Fertilizer maker CF Industries (CF) - Get Report pulled its $8 billion acquisition of the European and North American operations of OCI, adding its deal to a growing list of transactions killed off by a government crack down on so-called tax inversions.

CF Industries shares are likely to come under pressure following the deal's collapse, which ends its plan to become the world's largest, listed supplier of nitrogen fertilizer. CF Industries climbed almost 8% when it announced the takeover on Aug. 12 last year.

"Although the original deal created significant value for both parties, changes in the regulatory and commercial environments forced us to re-evaluate the combination and led us to the conclusion that terminating the agreement was in the best interests of CF Industries and its shareholders," president and CEO Tony Will said in a statement on Monday.

Deerfield, Il.-based CF Industries planned to relocate its registered office to the U.K. by becoming a subsidiary of a newly registered business that would also house the European, North American and distribution businesses of Netherlands' OCI. The deal, announced in August last year, was expected to generate about $500 million in savings.

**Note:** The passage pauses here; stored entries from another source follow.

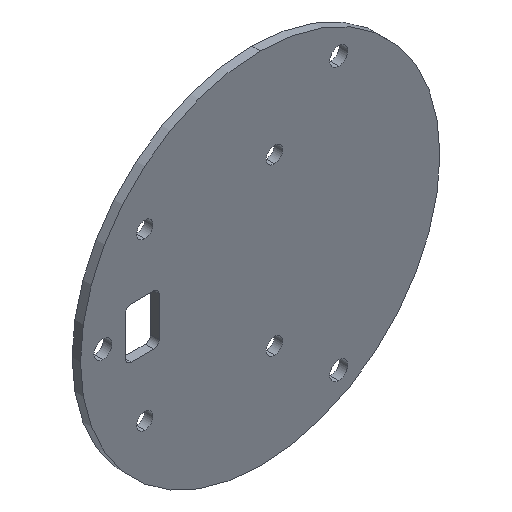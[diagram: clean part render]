
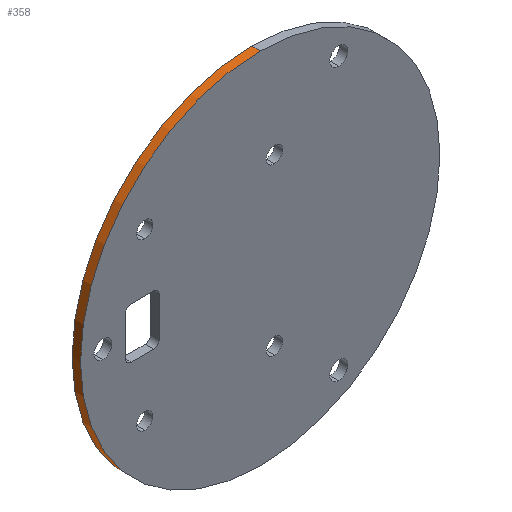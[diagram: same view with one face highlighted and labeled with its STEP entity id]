
A CAD part, isometric view. The second image highlights one B-rep face of the part: STEP entity #358.
In plain terms, the highlighted cylindrical face has radius 32 mm (diameter 64 mm), a partial arc.
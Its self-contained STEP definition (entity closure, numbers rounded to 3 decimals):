
#4 = EDGE_CURVE ( 'NONE', #328, #68, #322, .T. ) ;
#21 = CARTESIAN_POINT ( 'NONE',  ( 0., 0., 0. ) ) ;
#43 = DIRECTION ( 'NONE',  ( 0., 0., 1. ) ) ;
#63 = CARTESIAN_POINT ( 'NONE',  ( 0., -1.5, 32. ) ) ;
#68 = VERTEX_POINT ( 'NONE', #192 ) ;
#82 = EDGE_CURVE ( 'NONE', #600, #68, #899, .T. ) ;
#131 = VERTEX_POINT ( 'NONE', #832 ) ;
#147 = ORIENTED_EDGE ( 'NONE', *, *, #82, .T. ) ;
#175 = EDGE_CURVE ( 'NONE', #131, #328, #699, .T. ) ;
#192 = CARTESIAN_POINT ( 'NONE',  ( 0., 0., 32. ) ) ;
#215 = ORIENTED_EDGE ( 'NONE', *, *, #4, .F. ) ;
#262 = DIRECTION ( 'NONE',  ( 0., 1., 0. ) ) ;
#282 = AXIS2_PLACEMENT_3D ( 'NONE', #907, #488, #43 ) ;
#303 = CARTESIAN_POINT ( 'NONE',  ( 0., 0., -32. ) ) ;
#318 = CARTESIAN_POINT ( 'NONE',  ( 0., -1.5, 0. ) ) ;
#322 = CIRCLE ( 'NONE', #338, 32. ) ;
#328 = VERTEX_POINT ( 'NONE', #303 ) ;
#331 = CARTESIAN_POINT ( 'NONE',  ( 0., -1.5, 32. ) ) ;
#338 = AXIS2_PLACEMENT_3D ( 'NONE', #21, #876, #392 ) ;
#347 = CARTESIAN_POINT ( 'NONE',  ( 0., -1.5, -32. ) ) ;
#358 = ADVANCED_FACE ( 'NONE', ( #377 ), #745, .T. ) ;
#367 = EDGE_LOOP ( 'NONE', ( #423, #905, #147, #215 ) ) ;
#377 = FACE_OUTER_BOUND ( 'NONE', #367, .T. ) ;
#382 = VECTOR ( 'NONE', #262, 1000. ) ;
#392 = DIRECTION ( 'NONE',  ( 0., 0., 1. ) ) ;
#401 = VECTOR ( 'NONE', #702, 1000. ) ;
#423 = ORIENTED_EDGE ( 'NONE', *, *, #175, .F. ) ;
#488 = DIRECTION ( 'NONE',  ( 0., 1., 0. ) ) ;
#502 = EDGE_CURVE ( 'NONE', #131, #600, #829, .T. ) ;
#585 = DIRECTION ( 'NONE',  ( 0., 1., 0. ) ) ;
#600 = VERTEX_POINT ( 'NONE', #63 ) ;
#665 = AXIS2_PLACEMENT_3D ( 'NONE', #318, #585, #797 ) ;
#699 = LINE ( 'NONE', #347, #401 ) ;
#702 = DIRECTION ( 'NONE',  ( 0., 1., 0. ) ) ;
#745 = CYLINDRICAL_SURFACE ( 'NONE', #665, 32. ) ;
#797 = DIRECTION ( 'NONE',  ( 0., 0., 1. ) ) ;
#829 = CIRCLE ( 'NONE', #282, 32. ) ;
#832 = CARTESIAN_POINT ( 'NONE',  ( 0., -1.5, -32. ) ) ;
#876 = DIRECTION ( 'NONE',  ( 0., 1., 0. ) ) ;
#899 = LINE ( 'NONE', #331, #382 ) ;
#905 = ORIENTED_EDGE ( 'NONE', *, *, #502, .T. ) ;
#907 = CARTESIAN_POINT ( 'NONE',  ( 0., -1.5, 0. ) ) ;

The Obama administration has cracked down on U.S. companies using acquisitions to move registered offices to countries with lower tax rates and to avoid repatriating cash in foreign subsidiaries. In April, the Treasury department and the Internal Revenue Service announced the latest in a series of new regulations that also barred so-called earnings stripping, where companies use internal loans to effectively move U.S. earnings overseas.

The regulatory changes have claimed more than $200 billion of deals, including Pfizer's (PFE) - Get Report $160 billion merger with Allergan (AGN) - Get Report , which folded within 24 hours of the April rules coming into force. Earlier changes to inversion rules also did for another pharmaceuticals deal, prompting AbbVie's (ABBV) - Get Report decision to cancel its $54 billion takeover of Ireland's Shire (SHPG) - Get Report in 2014.

CF Industries said that it had sought an alternative structure with OCI that would enable it to save the takeover, but failed to come up with anything suitable. CF Industries had planned to swap a 25.6% stake in the combined group, and pay $700 million in cash or stock for its European rival's operations. The new entity would also have assumed about $2 billion of OCI debt.

The decision to pull the takeover marks a second setback for CF Industries after merger talks with Oslo-listed Yara International were abandoned in 2014 after the parties failed to agree terms.

CF Industries will pay a $150 million break fee to OCI.

CF Industries shares closed Friday at $28.59. OCI shares traded Monday at euro 12.98 ($14.54), down  euro 0.57, or 4.2% on their Friday close.